■ **Exercise aim**
From the entries that follow, extract each line holding the string "will".

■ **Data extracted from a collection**
--------------------------------------------------

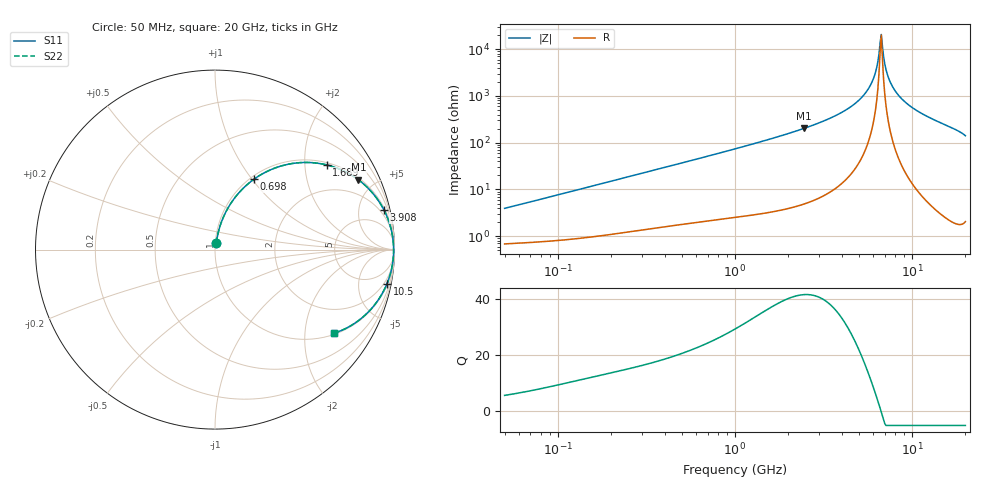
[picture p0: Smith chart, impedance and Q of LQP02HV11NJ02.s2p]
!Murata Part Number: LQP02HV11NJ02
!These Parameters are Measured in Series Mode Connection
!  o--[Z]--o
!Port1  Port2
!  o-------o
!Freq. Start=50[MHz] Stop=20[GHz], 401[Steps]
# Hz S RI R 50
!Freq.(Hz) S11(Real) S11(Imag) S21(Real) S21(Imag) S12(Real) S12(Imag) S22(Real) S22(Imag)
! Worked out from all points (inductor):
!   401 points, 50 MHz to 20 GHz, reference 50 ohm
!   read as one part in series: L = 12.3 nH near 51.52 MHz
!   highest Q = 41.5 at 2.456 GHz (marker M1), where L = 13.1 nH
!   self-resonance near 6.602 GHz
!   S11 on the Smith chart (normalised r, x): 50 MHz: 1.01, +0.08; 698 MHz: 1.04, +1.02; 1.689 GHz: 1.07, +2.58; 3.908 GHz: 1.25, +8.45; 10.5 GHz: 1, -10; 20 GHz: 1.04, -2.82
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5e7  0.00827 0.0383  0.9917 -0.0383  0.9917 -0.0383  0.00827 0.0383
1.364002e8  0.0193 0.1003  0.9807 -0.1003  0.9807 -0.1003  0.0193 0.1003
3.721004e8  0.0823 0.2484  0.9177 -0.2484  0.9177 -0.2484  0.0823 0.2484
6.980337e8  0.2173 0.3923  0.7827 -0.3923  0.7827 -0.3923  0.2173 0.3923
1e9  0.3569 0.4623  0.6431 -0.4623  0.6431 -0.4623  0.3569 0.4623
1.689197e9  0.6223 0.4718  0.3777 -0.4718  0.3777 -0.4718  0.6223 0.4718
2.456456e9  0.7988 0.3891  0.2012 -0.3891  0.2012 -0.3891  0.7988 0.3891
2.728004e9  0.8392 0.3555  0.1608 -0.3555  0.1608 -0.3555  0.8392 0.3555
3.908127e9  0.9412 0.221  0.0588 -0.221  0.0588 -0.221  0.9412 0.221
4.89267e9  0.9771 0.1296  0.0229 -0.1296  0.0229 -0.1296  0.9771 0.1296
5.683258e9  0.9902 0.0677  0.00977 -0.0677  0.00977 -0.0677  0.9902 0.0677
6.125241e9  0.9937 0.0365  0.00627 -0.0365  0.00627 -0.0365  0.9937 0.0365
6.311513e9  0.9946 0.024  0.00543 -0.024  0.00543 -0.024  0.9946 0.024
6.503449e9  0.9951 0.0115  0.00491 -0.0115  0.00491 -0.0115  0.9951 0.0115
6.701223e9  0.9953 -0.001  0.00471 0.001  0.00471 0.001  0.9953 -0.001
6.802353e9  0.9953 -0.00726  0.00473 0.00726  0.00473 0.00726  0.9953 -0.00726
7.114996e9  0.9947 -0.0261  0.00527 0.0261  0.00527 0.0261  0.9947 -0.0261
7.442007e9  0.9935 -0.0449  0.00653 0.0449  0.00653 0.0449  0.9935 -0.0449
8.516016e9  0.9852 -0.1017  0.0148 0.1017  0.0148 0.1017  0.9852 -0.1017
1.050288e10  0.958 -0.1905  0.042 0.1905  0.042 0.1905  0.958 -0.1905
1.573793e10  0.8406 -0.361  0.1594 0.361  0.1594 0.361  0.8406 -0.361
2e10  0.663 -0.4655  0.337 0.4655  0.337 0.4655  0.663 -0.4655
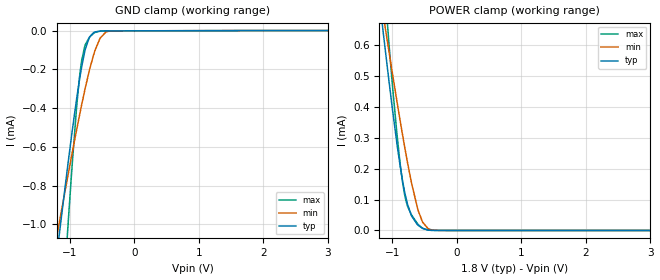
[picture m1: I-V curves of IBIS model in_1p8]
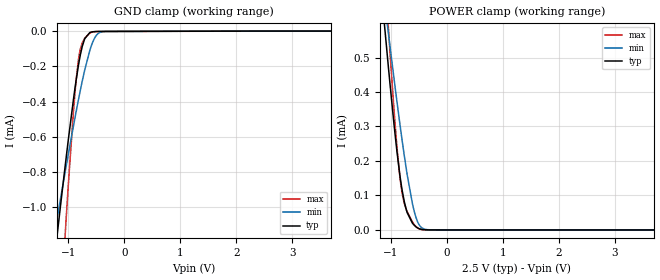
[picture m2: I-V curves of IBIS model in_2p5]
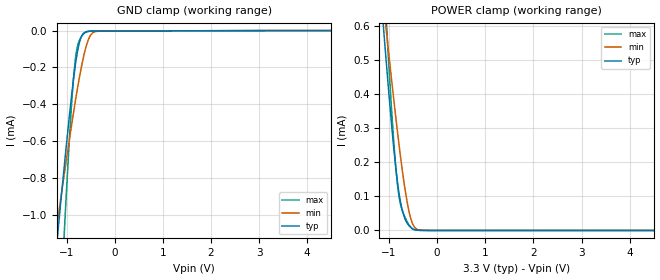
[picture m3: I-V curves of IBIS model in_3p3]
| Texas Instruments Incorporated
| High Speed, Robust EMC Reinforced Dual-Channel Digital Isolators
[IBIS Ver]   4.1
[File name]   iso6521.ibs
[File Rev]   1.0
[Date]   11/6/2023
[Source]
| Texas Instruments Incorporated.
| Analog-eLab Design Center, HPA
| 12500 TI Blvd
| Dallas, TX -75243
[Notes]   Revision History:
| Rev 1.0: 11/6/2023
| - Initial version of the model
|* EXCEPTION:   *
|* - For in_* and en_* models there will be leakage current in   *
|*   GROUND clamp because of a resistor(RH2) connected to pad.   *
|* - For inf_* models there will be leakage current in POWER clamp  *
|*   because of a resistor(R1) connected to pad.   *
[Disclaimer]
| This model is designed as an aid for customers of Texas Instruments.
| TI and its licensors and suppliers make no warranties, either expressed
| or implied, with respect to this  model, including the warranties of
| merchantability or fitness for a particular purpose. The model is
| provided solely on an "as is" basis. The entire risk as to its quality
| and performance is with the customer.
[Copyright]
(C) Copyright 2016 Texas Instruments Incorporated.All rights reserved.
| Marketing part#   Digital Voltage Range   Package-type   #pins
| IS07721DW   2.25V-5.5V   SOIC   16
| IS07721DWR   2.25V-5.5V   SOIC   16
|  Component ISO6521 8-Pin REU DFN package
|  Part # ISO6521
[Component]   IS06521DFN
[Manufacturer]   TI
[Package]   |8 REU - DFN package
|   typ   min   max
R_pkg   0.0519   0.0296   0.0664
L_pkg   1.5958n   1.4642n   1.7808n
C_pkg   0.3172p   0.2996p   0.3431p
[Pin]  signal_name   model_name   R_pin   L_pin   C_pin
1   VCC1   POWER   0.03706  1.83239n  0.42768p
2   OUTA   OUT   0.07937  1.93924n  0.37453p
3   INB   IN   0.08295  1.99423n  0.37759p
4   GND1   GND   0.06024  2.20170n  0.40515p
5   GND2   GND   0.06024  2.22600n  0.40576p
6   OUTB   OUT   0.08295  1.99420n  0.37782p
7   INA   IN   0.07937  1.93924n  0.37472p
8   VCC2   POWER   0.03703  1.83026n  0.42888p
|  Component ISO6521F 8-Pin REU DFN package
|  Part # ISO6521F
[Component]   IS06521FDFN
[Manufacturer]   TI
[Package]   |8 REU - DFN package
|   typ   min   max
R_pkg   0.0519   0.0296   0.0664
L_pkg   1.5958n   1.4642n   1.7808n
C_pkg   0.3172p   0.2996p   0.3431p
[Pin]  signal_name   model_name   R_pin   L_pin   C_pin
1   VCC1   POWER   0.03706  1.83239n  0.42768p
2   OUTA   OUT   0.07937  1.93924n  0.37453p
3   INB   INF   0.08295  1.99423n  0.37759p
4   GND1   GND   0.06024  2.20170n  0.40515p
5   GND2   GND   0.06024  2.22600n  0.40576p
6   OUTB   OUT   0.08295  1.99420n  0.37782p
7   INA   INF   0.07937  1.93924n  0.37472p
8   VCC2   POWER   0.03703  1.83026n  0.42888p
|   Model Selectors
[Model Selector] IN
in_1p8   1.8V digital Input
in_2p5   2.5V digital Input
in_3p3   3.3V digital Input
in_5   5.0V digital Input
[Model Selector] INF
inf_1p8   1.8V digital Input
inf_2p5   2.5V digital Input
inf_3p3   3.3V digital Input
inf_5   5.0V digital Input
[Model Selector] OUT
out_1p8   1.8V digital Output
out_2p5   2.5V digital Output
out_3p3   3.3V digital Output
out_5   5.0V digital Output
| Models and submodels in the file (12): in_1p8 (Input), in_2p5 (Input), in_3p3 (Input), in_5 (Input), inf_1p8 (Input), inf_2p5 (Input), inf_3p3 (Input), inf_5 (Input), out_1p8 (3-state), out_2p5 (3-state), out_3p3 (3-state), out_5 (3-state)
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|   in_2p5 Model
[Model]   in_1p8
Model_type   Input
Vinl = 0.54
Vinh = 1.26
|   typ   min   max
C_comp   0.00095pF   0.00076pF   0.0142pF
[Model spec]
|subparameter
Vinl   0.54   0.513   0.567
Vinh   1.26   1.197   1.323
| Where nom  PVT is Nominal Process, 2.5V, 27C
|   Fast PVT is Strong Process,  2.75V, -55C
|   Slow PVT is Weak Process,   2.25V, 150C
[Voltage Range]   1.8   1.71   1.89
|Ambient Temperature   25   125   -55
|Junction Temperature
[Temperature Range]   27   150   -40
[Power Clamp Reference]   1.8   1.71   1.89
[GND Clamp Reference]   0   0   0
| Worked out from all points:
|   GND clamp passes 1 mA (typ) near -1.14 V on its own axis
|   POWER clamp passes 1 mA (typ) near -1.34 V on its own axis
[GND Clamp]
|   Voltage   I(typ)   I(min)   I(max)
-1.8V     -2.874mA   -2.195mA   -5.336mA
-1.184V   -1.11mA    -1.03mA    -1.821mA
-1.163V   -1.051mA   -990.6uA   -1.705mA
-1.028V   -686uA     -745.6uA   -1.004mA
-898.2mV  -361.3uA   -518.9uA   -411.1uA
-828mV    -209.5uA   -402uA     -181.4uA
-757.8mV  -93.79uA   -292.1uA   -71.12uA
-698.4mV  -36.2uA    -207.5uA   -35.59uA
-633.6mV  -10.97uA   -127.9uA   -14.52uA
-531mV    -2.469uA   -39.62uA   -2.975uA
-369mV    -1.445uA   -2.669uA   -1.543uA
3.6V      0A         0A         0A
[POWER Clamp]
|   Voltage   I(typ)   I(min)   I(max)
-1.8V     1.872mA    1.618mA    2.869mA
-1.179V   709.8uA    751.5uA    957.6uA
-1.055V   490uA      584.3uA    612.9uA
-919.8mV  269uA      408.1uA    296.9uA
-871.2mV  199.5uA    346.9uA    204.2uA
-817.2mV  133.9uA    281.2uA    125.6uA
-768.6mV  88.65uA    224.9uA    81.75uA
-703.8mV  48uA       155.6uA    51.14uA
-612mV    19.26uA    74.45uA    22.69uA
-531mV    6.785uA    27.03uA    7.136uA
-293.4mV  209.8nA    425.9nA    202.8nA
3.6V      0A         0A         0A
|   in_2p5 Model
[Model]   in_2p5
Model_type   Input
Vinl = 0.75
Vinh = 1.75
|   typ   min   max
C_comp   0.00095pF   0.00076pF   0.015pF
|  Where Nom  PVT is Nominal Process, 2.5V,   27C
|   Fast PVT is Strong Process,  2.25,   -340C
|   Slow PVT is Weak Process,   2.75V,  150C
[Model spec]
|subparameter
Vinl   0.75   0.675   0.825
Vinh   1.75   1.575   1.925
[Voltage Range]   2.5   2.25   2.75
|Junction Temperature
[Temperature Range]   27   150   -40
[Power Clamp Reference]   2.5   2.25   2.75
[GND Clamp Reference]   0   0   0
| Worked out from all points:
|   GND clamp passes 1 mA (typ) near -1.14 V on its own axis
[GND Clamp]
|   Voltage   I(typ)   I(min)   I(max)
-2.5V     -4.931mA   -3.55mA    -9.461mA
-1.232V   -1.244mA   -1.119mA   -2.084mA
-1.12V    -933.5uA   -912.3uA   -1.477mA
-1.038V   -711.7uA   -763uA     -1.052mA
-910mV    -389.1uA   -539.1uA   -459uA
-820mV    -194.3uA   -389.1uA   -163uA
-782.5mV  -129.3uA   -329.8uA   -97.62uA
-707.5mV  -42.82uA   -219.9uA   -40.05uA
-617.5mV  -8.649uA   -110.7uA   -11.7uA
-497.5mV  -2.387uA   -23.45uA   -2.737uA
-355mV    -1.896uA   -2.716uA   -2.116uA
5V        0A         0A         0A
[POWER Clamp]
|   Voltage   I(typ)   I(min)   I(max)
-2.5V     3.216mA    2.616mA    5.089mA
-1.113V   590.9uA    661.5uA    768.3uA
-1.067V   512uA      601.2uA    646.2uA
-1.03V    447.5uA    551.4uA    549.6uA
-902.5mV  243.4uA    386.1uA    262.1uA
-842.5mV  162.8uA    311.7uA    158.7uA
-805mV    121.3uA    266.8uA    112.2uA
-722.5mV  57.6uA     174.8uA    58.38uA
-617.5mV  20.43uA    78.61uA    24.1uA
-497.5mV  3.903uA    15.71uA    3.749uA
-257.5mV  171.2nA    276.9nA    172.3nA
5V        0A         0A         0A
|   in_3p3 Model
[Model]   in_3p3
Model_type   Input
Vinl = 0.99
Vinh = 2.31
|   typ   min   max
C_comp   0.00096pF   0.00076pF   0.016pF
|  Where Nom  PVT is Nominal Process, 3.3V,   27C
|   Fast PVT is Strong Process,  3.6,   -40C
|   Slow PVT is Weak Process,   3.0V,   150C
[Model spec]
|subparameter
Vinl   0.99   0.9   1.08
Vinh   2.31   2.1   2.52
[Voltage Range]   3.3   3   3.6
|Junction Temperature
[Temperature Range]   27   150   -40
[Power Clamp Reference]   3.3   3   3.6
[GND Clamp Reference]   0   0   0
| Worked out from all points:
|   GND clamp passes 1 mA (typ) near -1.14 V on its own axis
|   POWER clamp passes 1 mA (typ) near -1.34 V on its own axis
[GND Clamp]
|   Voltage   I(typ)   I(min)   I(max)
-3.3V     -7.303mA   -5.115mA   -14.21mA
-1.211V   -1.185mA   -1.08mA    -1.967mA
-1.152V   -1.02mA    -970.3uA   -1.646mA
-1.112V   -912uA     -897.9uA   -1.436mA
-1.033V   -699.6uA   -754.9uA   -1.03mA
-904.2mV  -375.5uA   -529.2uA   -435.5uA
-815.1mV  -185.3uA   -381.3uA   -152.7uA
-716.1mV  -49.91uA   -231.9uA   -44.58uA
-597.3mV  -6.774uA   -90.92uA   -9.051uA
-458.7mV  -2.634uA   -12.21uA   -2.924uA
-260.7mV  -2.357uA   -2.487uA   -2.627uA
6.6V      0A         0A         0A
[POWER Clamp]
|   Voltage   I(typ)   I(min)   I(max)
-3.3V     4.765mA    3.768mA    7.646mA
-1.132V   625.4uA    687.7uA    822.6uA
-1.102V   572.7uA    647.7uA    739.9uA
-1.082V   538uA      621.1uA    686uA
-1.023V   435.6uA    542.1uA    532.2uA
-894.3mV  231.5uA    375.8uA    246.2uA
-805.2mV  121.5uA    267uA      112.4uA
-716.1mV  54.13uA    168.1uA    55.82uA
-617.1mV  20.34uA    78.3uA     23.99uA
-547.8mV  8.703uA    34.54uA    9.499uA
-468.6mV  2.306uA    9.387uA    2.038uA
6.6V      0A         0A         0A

--------------------------------------------------

■ **Completed task**
|* - For in_* and en_* models there will be leakage current in   *
|* - For inf_* models there will be leakage current in POWER clamp  *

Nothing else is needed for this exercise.